Accidentes de buceo. Síntomas y tratamientos.

Bucear nos permite admirar el mundo submarino sin estropearlo. Abandonar nuestro hábitat para sumergirnos en un lugar poblado de peces y algas donde el tiempo y la vida tienen sus propias reglas. Como todo deporte, el buceo también requiere de un aprendizaje y experiencia para evitar accidentes. A continuación os damos una serie de indicaciones sobre como detectar, tratar y prevenir los accidentes de buceo.

Cualquier síntoma, como hormigueos, picores, manchas rojizas en piel, dolores articulares o musculares, después de una inmersión, se debe considerar como posible inicio de Enfermedad Descompresiva.

Enfermedad descompresiva leve:

Se manifiesta fundamentalmente por:

  • Dolor articular sin artritis, o de tipo muscular.
  • Picor.
  • Manchas en la piel, especialmente puntos o manchas rojizas en tórax, hombros y piernas.

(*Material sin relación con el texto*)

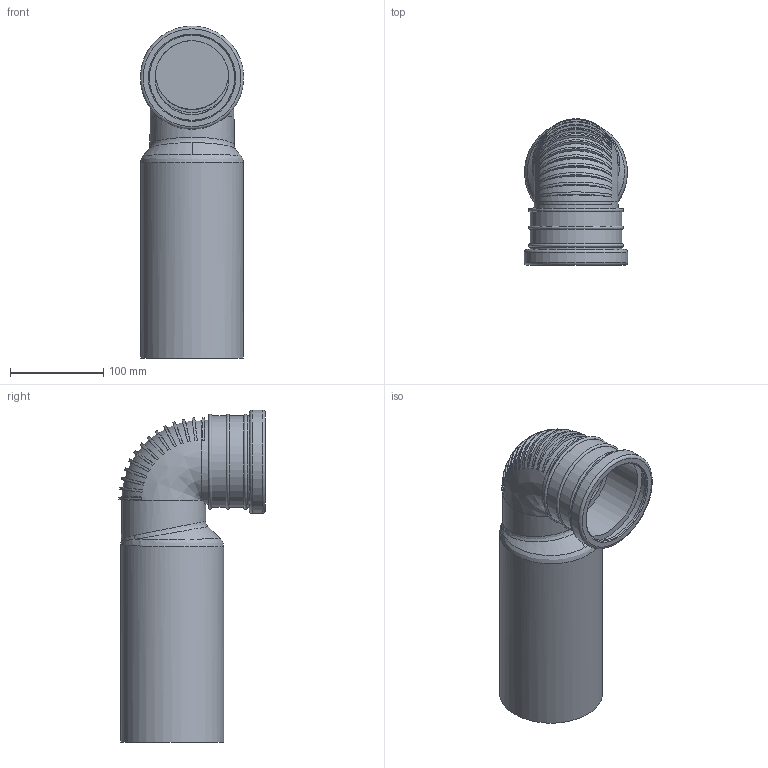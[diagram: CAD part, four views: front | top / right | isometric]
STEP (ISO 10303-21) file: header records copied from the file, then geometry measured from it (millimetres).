
FILE_DESCRIPTION(/* description */ (''),/* implementation_level */ '2;1');
FILE_NAME(/* name */ 'H:\Geberit-Teile\Export\310.883.14.0\stp\310883.stp',/* time_stamp */ '2015-04-15T11:26:24+02:00',/* author */ ('seihe2'),/* organization */ (''),/* preprocessor_version */ 'ST-DEVELOPER v15.2',/* originating_system */ 'Autodesk Inventor 2014',/* authorisation */ '');
FILE_SCHEMA (('AUTOMOTIVE_DESIGN { 1 0 10303 214 3 1 1 }'));
Length unit declared in the file: millimetre
Products named in the file (1): 310883
Bounding box: 111 x 157.45 x 356.5 mm (x, y, z)
Volume: 1270625.7 mm3; surface area: 247260.4 mm2
Topology: 1 solids, 1 shells, 101 faces, 258 edges, 169 vertices
Faces by surface type: cylinder 43, cone 33, plane 14, bspline 6, torus 5
Full cylindrical faces by diameter (mm): 79.38 x1, 90.38 x2, 91.45 x1, 91.7 x1, 97.9 x1, 98.2 x3, 104.3 x1, 110.4 x1, 111 x1
Entity records: 4080 total; most frequent: CARTESIAN_POINT 1740, ORIENTED_EDGE 464, DIRECTION 399, EDGE_CURVE 232, AXIS2_PLACEMENT_3D 196, VERTEX_POINT 164, EDGE_LOOP 158, B_SPLINE_CURVE_WITH_KNOTS 121
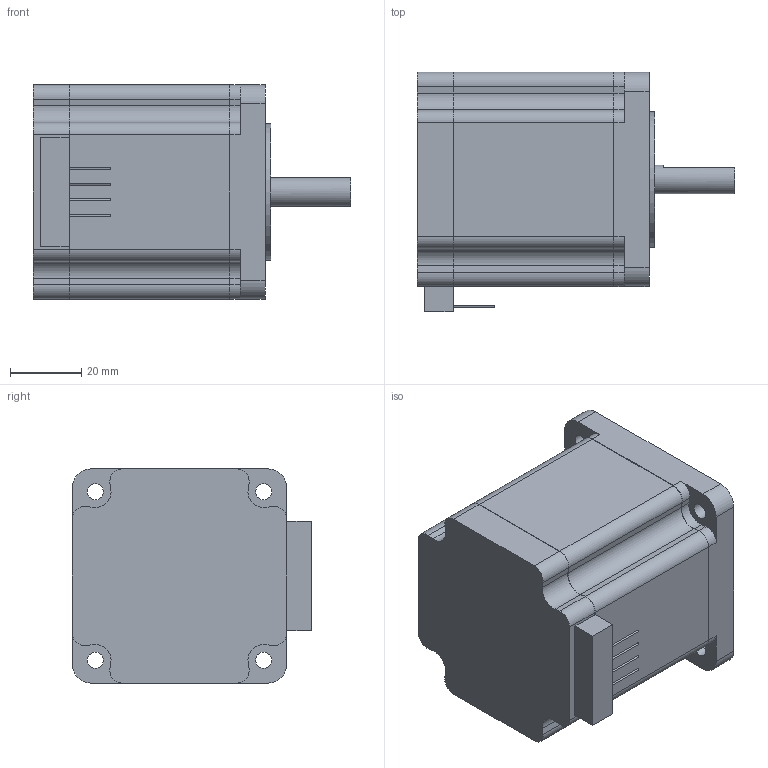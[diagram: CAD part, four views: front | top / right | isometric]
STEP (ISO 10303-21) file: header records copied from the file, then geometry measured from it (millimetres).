
FILE_DESCRIPTION(/* description */ ('STEP AP203'),/* implementation_level */ '2;1');
FILE_NAME(/* name */ 'PK267JDA',/* time_stamp */ '2026-07-14T16:33:36+02:00',/* author */ ('License CC BY-ND 4.0'),/* organization */ ('CADENAS'),/* preprocessor_version */ 'ST-DEVELOPER v20',/* originating_system */ 'PARTsolutions',/* authorisation */ ' ');
FILE_SCHEMA (('CONFIG_CONTROL_DESIGN'));
Length unit declared in the file: millimetre
Products named in the file (1): PK267JDA
Bounding box: 89 x 67 x 60 mm (x, y, z)
Volume: 211207.8 mm3; surface area: 23527.9 mm2
Topology: 1 solids, 1 shells, 156 faces, 432 edges, 288 vertices
Faces by surface type: plane 82, cylinder 74
Full cylindrical faces by diameter (mm): 0.5 x4, 4.5 x4, 8 x1, 38.1 x1
Entity records: 5003 total; most frequent: DIRECTION 884, CARTESIAN_POINT 865, ORIENTED_EDGE 842, EDGE_CURVE 421, AXIS2_PLACEMENT_3D 306, VERTEX_POINT 287, LINE 272, VECTOR 272

Estos síntomas pueden aparecer inmediatamente después de la inmersión o tras minutos u horas. Si un buceador presenta estos síntomas:

  • Se le debe colocar en posición lateral de seguridad, sobre el costado izquierdo.
  • Administrarle oxígeno a la máxima concentración posible hasta llegar a la cámara hiperbárica. Retirar el oxígeno si aparecen convulsiones.
  • Evacuar al paciente a la cámara hiperbárica más cercana. Tenga en cuenta que estos síntomas pueden ser el inicio de una enfermedad descompresiva grave.

Lesiones del oído (barotraumatismos óticos):

En cualquier situación, como resfriados, alergias, procesos inflamatorios rinofaríngeos agudos y crónicos, en los que no se pueda «compensar» conviene abstenerse de bucear.

Los descongestivos nasales aplicados esporádicamente pueden ser útiles, como la Oximetazonlina. Su aplicación habitual provoca atrofia de la mucosa y acaban siendo ineficaces. Cuando no se pueda «compensar» durante la inmersión, ascienda un poco o pare en la profundidad donde haya aparecido el problema. Si aun así no se consigue, salga a superficie y deje de bucear.

Los síntomas de los barotraumatismos dependen de la intensidad de las lesiones. Pueden aparecer durante, tras el buceo o incluso días después de la inmersión. De menor a mayor gravedad, son:

  • Sensación de oído tapado (no se consigue compensar).
  • Pitidos o ruidos anormales.
  • Náuseas.
  • Dolor de oídos.
  • Disminución de la audición.
  • Vértigo.
  • Hemorragía por fosas nasales o por el oído.

La sordera de evolución lenta, frecuente en los buceadores profesionales con años de antigüedad, puede disminuir la sensibilidad al dolor por endurecimiento del tímpano. Estos buceadores pueden sufrir un barotraumatismo grave sin haber percibido los síntomas iniciales de aviso. El tratamiento depende de la sintomatología. Consejos generales:

  • No bucear hasta el completo restablecimiento.
  • Antibióticos, antiinflamatorios y analgésicos, según consejo médico.
  • No utilizar gotas en el oído.

Lesiones de senos paranasales:

Los síntomas pueden ser:

  • Dolor en la frente o en el resto de la cara.
  • Mucosidad sanguinolenta o sangrado franco por la nariz.

El tratamiento, en los casos leves, consistirá en antibióticos y antiinflamatorios por vía oral, según consejo médico.

Dolores dentales:

Se deben al efecto de barotrauma en las caries de las piezas dentales. Se pueden acusar más con la temperatura fría del agua. Se aconseja abstener- se de bucear hasta haber reparado las piezas dañadas.

Ante un caso agudo, tomar analgésico como paracetamol y pedir consejo médico.

Dolores abdominales:

La expansión de los gases contenidos en las asas abdominales durante el ascenso puede producir cólicos abdominales, acompañados de molestias vagas, eructos, etc.

El moderar la velocidad del ascenso, o incluso parar unos instantes manteniendo la calma, suele ser útil. También el cambiar de posición en la parada, situándose con la cabeza hacia abajo.